=== What you need to do ===
Below are the records; copy each line in which "model" can be found.
─── Data ───
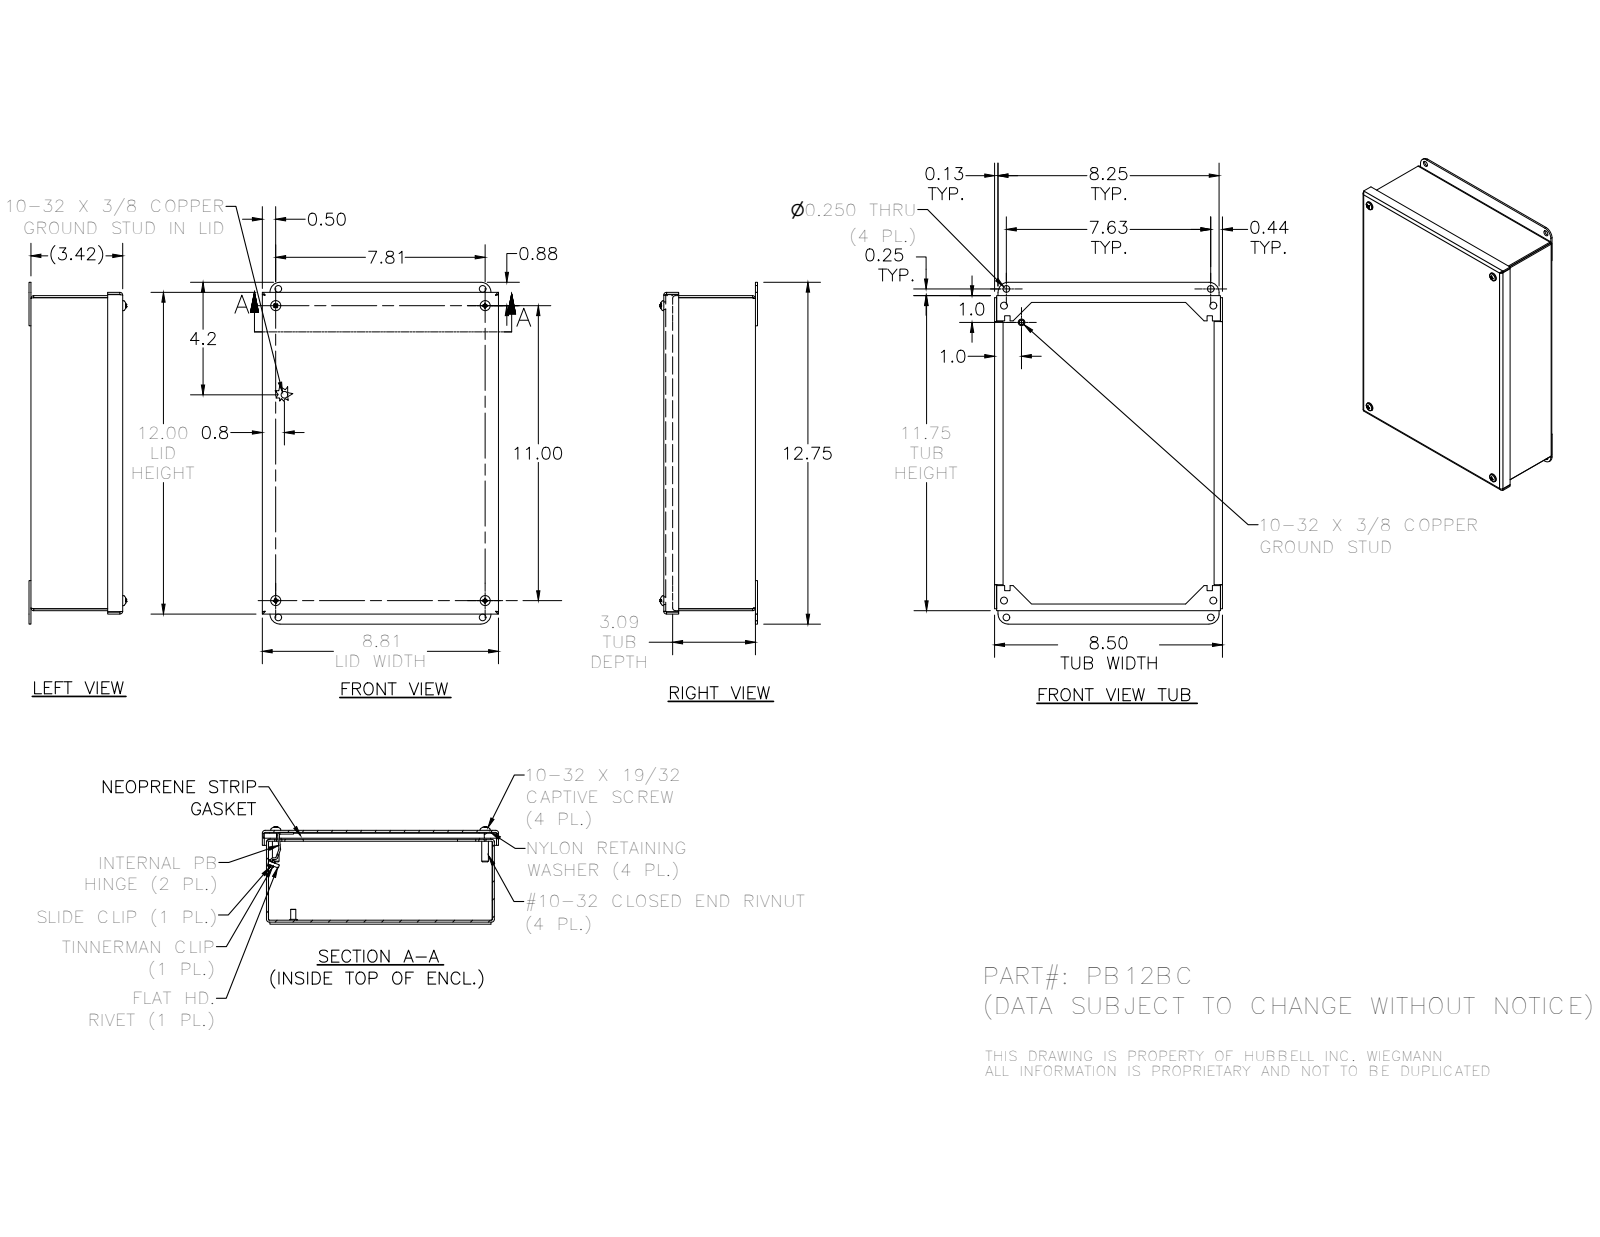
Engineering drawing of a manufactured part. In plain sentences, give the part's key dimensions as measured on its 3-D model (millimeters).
The part is named "3285; 39077; 316245; 31817 (+8 more)". Its 3-D file was written by "Autodesk Inventor 2016 (AUTOMOTIVE_DESIGN)". It is 25 solids with 609 faces: 363 planar, 132 cylindrical and 114 other. Overall it measures 323.85 by 223.84 by 92.1 millimeters. Its volume is 539 513 cubic millimeters and its surface area 549 641 square millimeters. Round holes: 4 of diameter 3.96, 4 of diameter 4.98, 4 of diameter 6.35, 4 of diameter 6.53, 4 of diameter 7.06, 4 of diameter 7.14, 4 of diameter 7.95, 2 of diameter 3.56. Round bosses or shafts: 6 of diameter 4.83, 4 of diameter 11.51, 4 of diameter 10.31, 4 of diameter 9.47, 4 of diameter 6.3, 3 of diameter 6.35, 1 of diameter 3.17. Partial cylindrical surfaces (rounded edges, fillets, slot ends): 12 of radius 0.79, 12 of radius 2.67, 6 of radius 4.78, 4 of radius 2.27, 4 of radius 2.29, 4 of radius 9.53, 3 of radius 0.8, 3 of radius 1.59. The main face-to-face distances are 1.88, 85.04, 86.92, 83.16, 214.02, 212.14, 215.9, 0.81, 3.76, 88.8. The hole center spacings are 279.4, 342.68, 16.05, 279.37, 295.28, 295.29, 354.43, 198.4.
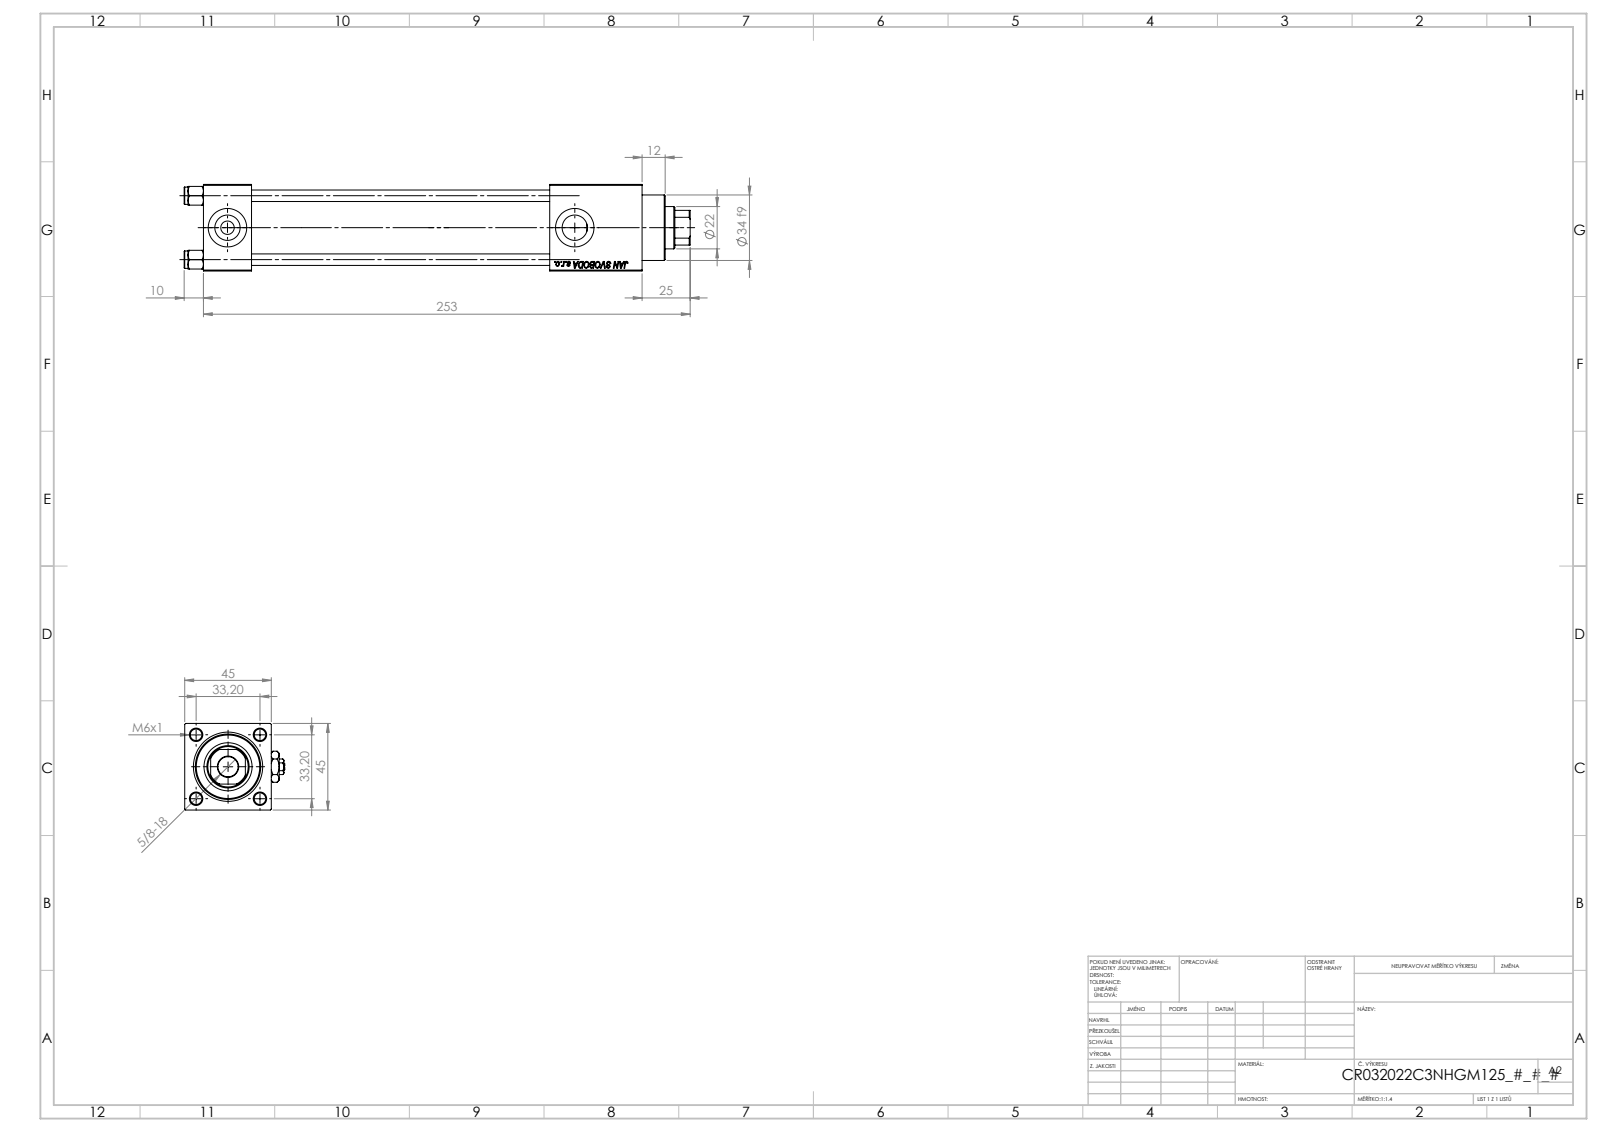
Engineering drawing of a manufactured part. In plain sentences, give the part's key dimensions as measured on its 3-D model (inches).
The part is named "V215CR_C_Body; NUT_M5_C; V215_VC_A; Zatka_pro_OIL_PORT (+2 more)". Its 3-D file was written by "SolidWorks 2019 (CONFIG_CONTROL_DESIGN)". It is 13 solids with 1248 faces: 572 planar, 98 cylindrical and 578 other. Overall it measures 10.354 by 2.047 by 1.772 inches. Its volume is 17.99 cubic inches and its surface area 172.7 square inches. Round holes: 4 of diameter 0.236, 2 of diameter 0.276, 2 of diameter 0.518, 2 of diameter 0.787, 1 of diameter 0.413, 1 of diameter 0.866, 1 of diameter 0.945, 1 of diameter 0.984, 1 of diameter 1.26, 1 of diameter 1.299. Round bosses or shafts: 4 of diameter 0.354, 1 of diameter 1.496, 1 of diameter 1.339. Partial cylindrical surfaces (rounded edges, fillets, slot ends): 1 of radius 0.413. The main face-to-face distances are 1.772, 0.984, 8.976, 7.087, 6.102, 7.992, 1.764, 1.89, 7.846, 6.862. The hole center spacings are 0.924, 1.307, 1.848, 7.106.
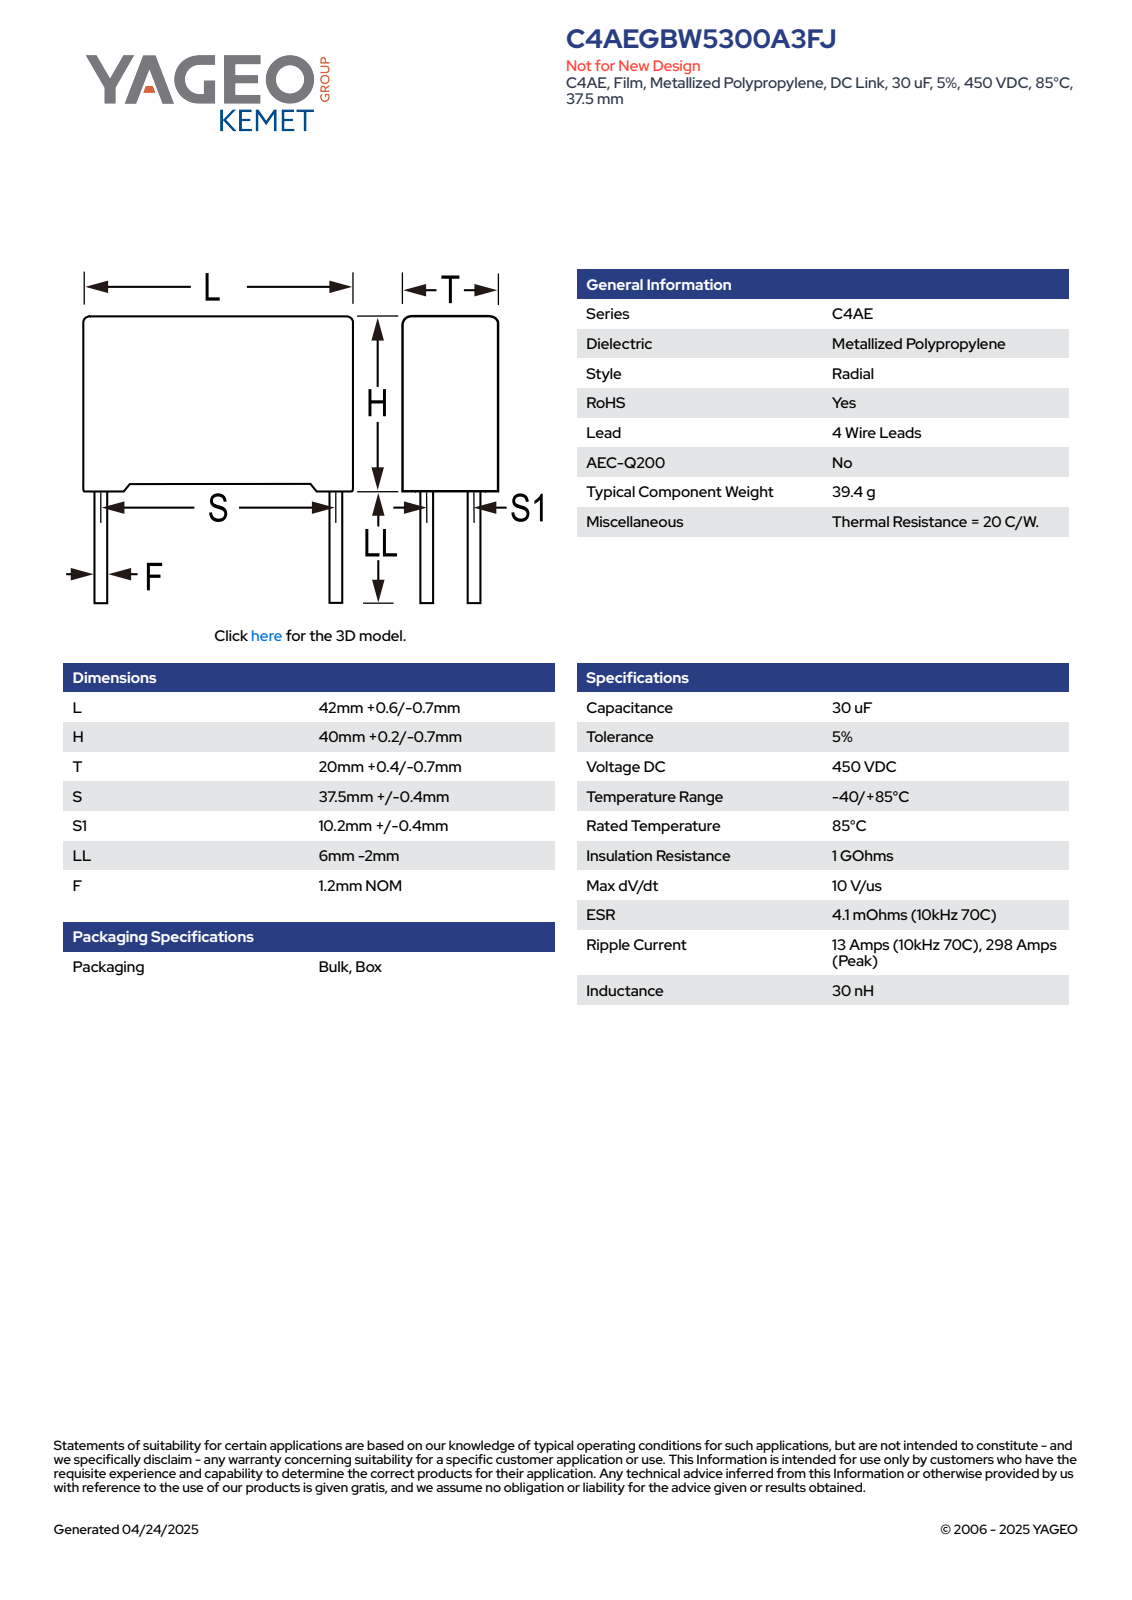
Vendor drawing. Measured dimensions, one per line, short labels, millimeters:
name: CFP_RB4_42X40X20_L42.6H40.2T20.4S37.5S110.2LL4F1.2
written by: SolidWorks 2014 (AUTOMOTIVE_DESIGN)
unit: mm
bodies: 4 solids, 87 faces (79 planar, 8 cylindrical, 0 other)
size: 44.2 × 42.6 × 20.41
volume: 34 029 mm³; area: 7 007 mm²
bosses: 4× ⌀1.2
face distances: 20.4, 42.6, 39.02, 1.18, 40.2, 1.25, 20.41, 41.35, 19.15, 40.1
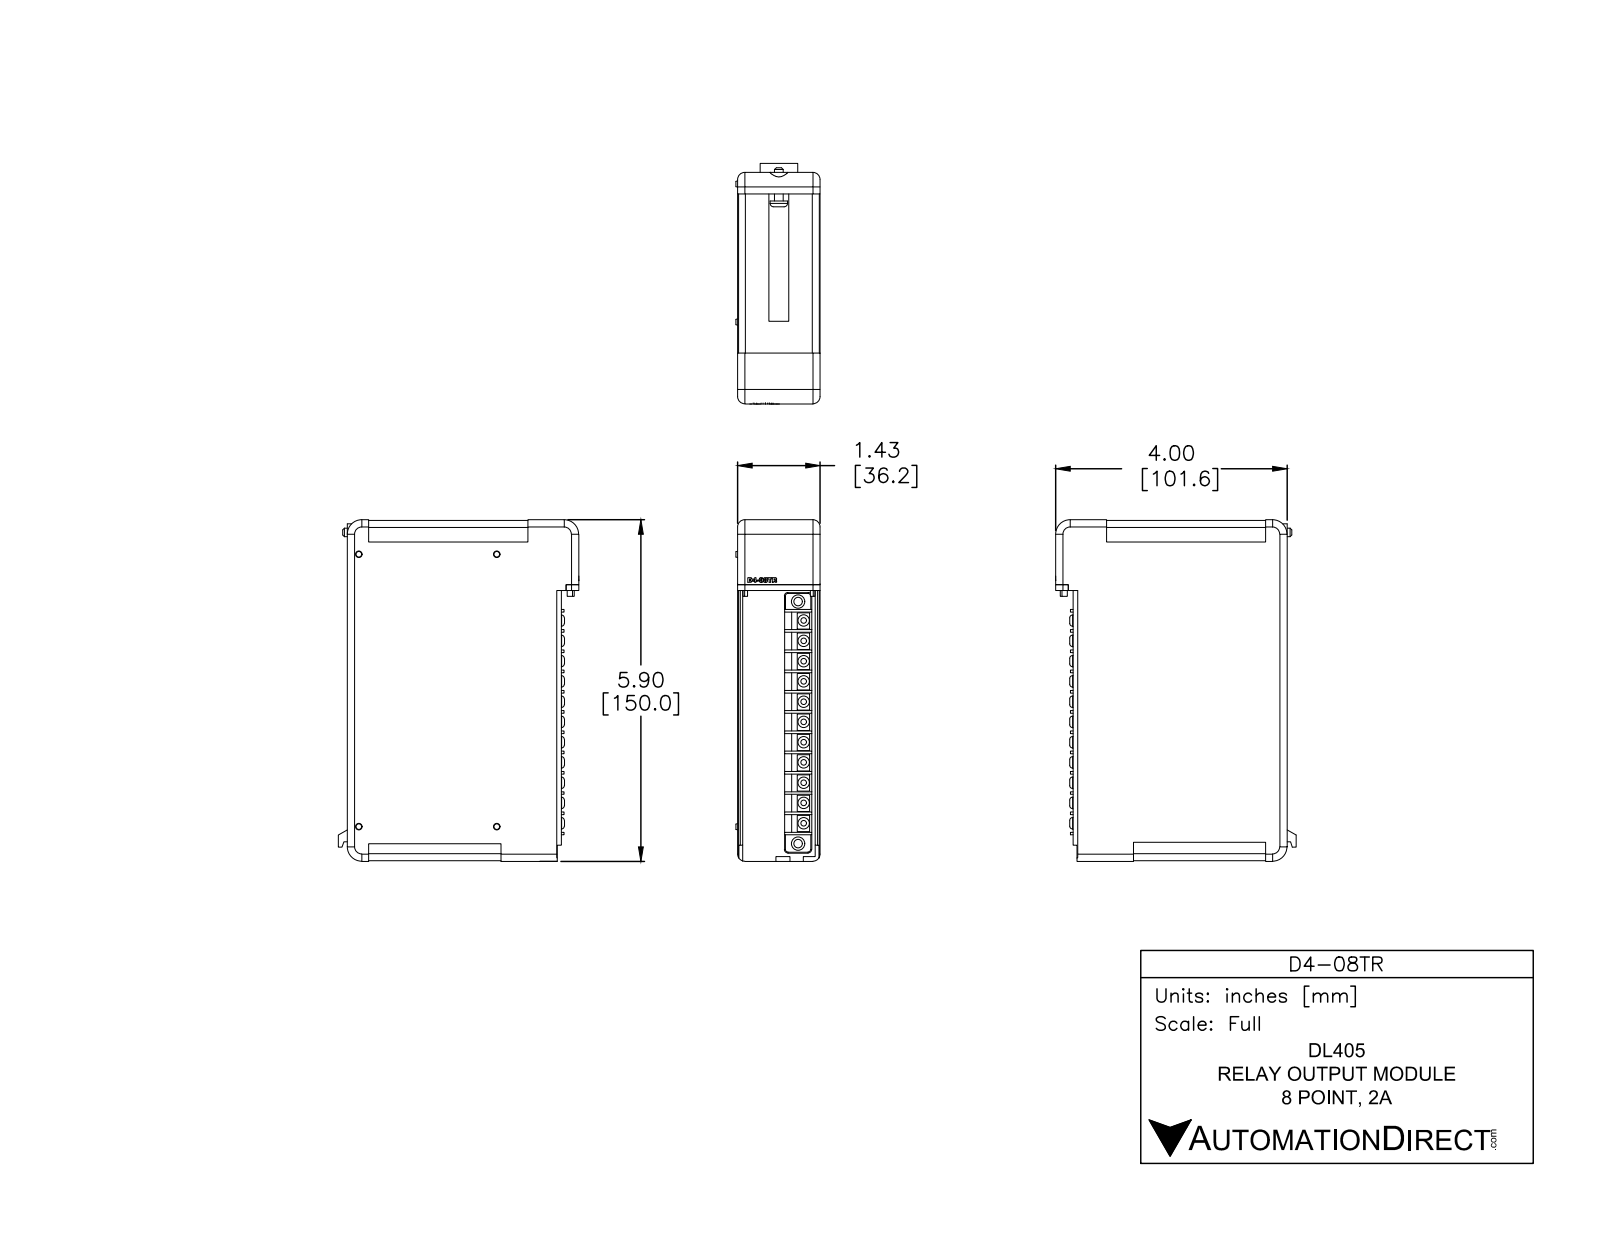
───
=== Response ===
Engineering drawing of a manufactured part. In plain sentences, give the part's key dimensions as measured on its 3-D model (millimeters).
Engineering drawing of a manufactured part. In plain sentences, give the part's key dimensions as measured on its 3-D model (inches).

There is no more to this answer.